In my panic, I thought only of keeping my feet. I did not want to fall, be "down," helpless. Yelling, yes, or loudly protesting, lashing futilely with my arms, crying out: But on my own momentum, my own power, I was veering off the road, over the edge, toward the woods.
It was just a few yards into the woods when I sprawled, pushed maybe, in the dirt, kicking out. But lots of panting hands were jerking down my shorts and shirt, pulling and tearing, stripping me open like a Christmas present. I flipped over, flipped back, trying to protect myself. Nothing worked. I just lost every shred. I was a naked white girl squirming in the dust.
Sometimes, you get one of those surges of energy, or terror, and I gained my feet, punching and kicking, broke away, headed for the road. Funny, in a way, because I was stark naked, but the road represented safety, sanity. And I nearly made it, clambering up the slight embankment, so my hands scrabbled at the pavement—and then, they all piled on me, flattening me, so my bare breasts, my belly, rasped on the tarmac's rough edge.
As though from nowhere, or heaven, I heard: "Hey, yo...What the hell are you doing?"

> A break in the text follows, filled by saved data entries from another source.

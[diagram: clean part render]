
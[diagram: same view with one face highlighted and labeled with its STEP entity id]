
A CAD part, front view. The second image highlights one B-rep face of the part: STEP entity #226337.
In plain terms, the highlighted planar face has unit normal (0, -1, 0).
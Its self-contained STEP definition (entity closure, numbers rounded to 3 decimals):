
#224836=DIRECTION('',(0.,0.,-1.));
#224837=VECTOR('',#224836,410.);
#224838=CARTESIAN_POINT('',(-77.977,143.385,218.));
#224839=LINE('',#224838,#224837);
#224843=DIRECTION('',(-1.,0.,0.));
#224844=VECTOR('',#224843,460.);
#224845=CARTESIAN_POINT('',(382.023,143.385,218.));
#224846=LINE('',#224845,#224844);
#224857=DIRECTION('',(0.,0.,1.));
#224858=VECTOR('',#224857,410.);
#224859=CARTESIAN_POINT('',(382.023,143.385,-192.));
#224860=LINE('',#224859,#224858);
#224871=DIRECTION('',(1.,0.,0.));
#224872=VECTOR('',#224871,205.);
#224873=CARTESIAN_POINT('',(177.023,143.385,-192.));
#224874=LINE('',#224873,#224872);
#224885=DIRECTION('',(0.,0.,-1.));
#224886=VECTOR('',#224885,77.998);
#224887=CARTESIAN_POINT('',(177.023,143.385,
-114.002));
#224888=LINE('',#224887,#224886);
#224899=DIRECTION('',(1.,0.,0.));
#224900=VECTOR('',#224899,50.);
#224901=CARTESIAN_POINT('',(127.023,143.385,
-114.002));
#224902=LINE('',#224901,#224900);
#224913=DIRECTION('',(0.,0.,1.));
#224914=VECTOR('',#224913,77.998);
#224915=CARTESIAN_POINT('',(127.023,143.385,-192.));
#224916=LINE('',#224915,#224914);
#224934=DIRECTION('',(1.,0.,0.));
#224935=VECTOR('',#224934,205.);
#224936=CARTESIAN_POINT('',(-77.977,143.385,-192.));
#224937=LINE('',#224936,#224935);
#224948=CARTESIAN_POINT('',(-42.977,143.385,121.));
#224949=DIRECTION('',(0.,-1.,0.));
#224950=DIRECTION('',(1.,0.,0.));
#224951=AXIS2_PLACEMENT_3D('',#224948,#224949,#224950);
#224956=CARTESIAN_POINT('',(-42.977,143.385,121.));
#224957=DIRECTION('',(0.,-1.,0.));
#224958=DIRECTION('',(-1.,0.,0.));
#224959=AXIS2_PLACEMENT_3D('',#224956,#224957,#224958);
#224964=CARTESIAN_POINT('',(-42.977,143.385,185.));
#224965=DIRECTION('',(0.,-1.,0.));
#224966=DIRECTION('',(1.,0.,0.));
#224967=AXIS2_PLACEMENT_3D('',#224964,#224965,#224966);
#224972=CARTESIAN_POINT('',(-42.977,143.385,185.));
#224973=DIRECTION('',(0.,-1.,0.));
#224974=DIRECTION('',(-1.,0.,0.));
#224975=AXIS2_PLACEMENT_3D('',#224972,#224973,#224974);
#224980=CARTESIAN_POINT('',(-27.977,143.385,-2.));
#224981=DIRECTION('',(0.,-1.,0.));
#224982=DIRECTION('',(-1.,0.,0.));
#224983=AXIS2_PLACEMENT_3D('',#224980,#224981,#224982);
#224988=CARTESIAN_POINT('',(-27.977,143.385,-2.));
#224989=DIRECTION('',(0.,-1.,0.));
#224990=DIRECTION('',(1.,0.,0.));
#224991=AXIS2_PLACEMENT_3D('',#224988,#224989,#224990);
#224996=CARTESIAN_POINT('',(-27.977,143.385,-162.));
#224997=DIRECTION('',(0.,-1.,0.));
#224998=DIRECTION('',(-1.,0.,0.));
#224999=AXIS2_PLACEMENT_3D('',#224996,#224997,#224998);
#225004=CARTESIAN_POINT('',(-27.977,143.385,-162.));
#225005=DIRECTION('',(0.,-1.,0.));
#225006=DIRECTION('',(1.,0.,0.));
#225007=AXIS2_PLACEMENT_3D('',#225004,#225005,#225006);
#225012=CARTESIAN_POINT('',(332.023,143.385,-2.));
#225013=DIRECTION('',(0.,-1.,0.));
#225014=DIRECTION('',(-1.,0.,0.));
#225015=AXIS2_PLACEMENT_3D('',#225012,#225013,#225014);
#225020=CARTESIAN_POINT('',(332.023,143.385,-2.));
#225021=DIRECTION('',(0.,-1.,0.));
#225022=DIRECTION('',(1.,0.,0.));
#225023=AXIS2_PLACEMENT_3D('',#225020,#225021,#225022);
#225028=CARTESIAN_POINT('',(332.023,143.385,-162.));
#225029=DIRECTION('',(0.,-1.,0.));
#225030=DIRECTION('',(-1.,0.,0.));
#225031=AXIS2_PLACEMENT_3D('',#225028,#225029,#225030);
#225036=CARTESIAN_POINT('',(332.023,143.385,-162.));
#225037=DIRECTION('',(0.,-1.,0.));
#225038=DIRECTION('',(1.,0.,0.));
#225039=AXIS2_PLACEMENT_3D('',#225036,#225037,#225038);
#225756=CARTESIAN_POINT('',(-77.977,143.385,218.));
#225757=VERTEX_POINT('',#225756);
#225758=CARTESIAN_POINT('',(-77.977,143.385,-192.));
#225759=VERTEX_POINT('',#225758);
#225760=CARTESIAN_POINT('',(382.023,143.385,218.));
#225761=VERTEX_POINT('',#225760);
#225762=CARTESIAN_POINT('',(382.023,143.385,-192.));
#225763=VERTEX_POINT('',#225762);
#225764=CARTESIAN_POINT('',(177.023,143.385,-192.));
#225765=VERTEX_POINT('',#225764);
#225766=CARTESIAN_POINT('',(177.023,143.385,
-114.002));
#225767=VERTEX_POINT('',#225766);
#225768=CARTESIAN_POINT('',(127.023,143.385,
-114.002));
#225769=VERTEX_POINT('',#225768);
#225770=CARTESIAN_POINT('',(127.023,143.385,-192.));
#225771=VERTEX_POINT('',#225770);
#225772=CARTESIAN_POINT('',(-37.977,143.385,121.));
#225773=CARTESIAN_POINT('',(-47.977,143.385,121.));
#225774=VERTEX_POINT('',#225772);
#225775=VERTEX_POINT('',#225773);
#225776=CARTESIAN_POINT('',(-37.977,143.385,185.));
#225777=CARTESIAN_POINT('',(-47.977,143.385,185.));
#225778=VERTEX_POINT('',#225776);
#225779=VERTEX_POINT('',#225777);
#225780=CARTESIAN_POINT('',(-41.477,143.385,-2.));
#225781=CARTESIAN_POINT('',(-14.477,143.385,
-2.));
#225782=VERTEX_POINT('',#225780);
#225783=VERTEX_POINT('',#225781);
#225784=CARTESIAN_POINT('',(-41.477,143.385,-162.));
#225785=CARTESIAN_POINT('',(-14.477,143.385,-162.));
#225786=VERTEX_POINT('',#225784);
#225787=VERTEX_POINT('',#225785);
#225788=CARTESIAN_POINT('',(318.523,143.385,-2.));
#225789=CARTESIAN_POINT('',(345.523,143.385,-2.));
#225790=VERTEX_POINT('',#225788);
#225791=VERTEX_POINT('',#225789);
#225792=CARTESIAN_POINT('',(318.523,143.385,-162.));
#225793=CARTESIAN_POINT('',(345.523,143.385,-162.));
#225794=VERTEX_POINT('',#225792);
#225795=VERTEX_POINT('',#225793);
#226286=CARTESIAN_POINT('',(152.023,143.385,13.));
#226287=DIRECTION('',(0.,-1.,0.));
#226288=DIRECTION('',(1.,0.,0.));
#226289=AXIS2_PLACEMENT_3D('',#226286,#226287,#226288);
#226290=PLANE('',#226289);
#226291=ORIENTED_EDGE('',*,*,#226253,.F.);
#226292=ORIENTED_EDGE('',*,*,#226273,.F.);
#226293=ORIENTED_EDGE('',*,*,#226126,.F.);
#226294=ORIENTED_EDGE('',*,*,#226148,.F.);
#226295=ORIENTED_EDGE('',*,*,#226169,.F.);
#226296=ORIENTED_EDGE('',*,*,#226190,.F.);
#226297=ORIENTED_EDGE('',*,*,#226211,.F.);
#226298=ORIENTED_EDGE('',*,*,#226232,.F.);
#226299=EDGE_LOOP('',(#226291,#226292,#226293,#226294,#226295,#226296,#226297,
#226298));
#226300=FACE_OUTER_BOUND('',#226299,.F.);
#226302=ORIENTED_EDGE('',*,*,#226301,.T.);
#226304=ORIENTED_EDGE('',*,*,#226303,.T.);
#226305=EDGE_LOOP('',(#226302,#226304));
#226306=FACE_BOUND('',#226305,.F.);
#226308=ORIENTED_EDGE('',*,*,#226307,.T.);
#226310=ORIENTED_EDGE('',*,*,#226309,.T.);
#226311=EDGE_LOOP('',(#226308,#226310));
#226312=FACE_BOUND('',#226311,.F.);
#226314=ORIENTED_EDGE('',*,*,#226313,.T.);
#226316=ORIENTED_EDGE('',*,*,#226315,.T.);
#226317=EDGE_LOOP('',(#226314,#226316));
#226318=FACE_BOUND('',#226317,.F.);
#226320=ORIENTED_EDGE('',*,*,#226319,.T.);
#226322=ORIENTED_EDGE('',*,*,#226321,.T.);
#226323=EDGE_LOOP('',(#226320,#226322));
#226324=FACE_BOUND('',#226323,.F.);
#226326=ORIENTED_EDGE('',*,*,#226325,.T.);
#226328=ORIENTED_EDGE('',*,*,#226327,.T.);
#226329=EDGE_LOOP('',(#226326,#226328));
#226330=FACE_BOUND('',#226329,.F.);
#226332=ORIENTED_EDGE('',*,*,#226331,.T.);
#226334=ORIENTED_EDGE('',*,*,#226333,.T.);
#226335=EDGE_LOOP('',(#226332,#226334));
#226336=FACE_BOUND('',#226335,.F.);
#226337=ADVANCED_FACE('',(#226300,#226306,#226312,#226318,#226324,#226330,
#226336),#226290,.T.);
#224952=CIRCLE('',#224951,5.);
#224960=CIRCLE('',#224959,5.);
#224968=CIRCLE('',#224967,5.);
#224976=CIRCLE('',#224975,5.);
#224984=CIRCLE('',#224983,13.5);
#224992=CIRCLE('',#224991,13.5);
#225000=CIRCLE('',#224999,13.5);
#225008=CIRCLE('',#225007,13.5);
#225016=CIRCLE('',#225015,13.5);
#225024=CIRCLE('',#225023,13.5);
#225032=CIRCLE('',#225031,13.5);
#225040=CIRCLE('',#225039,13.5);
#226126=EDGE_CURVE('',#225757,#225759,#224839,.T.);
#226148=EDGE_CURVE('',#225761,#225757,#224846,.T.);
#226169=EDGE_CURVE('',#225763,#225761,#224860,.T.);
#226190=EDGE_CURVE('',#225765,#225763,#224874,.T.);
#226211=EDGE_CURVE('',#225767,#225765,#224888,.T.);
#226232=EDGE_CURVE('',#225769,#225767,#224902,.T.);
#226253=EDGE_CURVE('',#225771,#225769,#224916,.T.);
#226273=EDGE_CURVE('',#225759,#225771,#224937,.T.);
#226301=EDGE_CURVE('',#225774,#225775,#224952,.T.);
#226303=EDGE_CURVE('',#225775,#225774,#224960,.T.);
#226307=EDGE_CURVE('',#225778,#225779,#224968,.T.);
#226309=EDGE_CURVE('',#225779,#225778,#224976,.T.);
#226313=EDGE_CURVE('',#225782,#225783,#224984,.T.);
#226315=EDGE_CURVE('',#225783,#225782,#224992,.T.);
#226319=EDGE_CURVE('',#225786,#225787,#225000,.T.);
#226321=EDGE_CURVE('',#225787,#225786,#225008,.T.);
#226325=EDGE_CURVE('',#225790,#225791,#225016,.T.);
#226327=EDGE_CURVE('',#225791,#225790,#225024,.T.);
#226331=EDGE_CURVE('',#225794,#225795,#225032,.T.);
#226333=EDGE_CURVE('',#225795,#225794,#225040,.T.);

My head shot up. Another black guy. Really tall, long legs sweating with his run, chest and shoulders massive under a brown T-shirt that said "Have A Great Day, Love," and, at that moment, a face that seemed heartbreakingly beautiful.
And then, "Hey, back off, brother. What's going down, here?" And he was reaching down for me and I was weeping. This was a full-blown nightmare and I was stark naked, covered with dirt, my face streaked with tears and probably snot, my tits scratched...
With fearful speed, two of my attackers were on the road, and I heard one yell, "Fuck off, none of your fucking business..." And they were in front of me, blocking my view of my savior.
An abrupt, sickening "thud" and a body was flying over my head into the woods. Next, a scream, flailing of legs, a protest, and a body flew totally over my head. I heard it land sounding way behind me.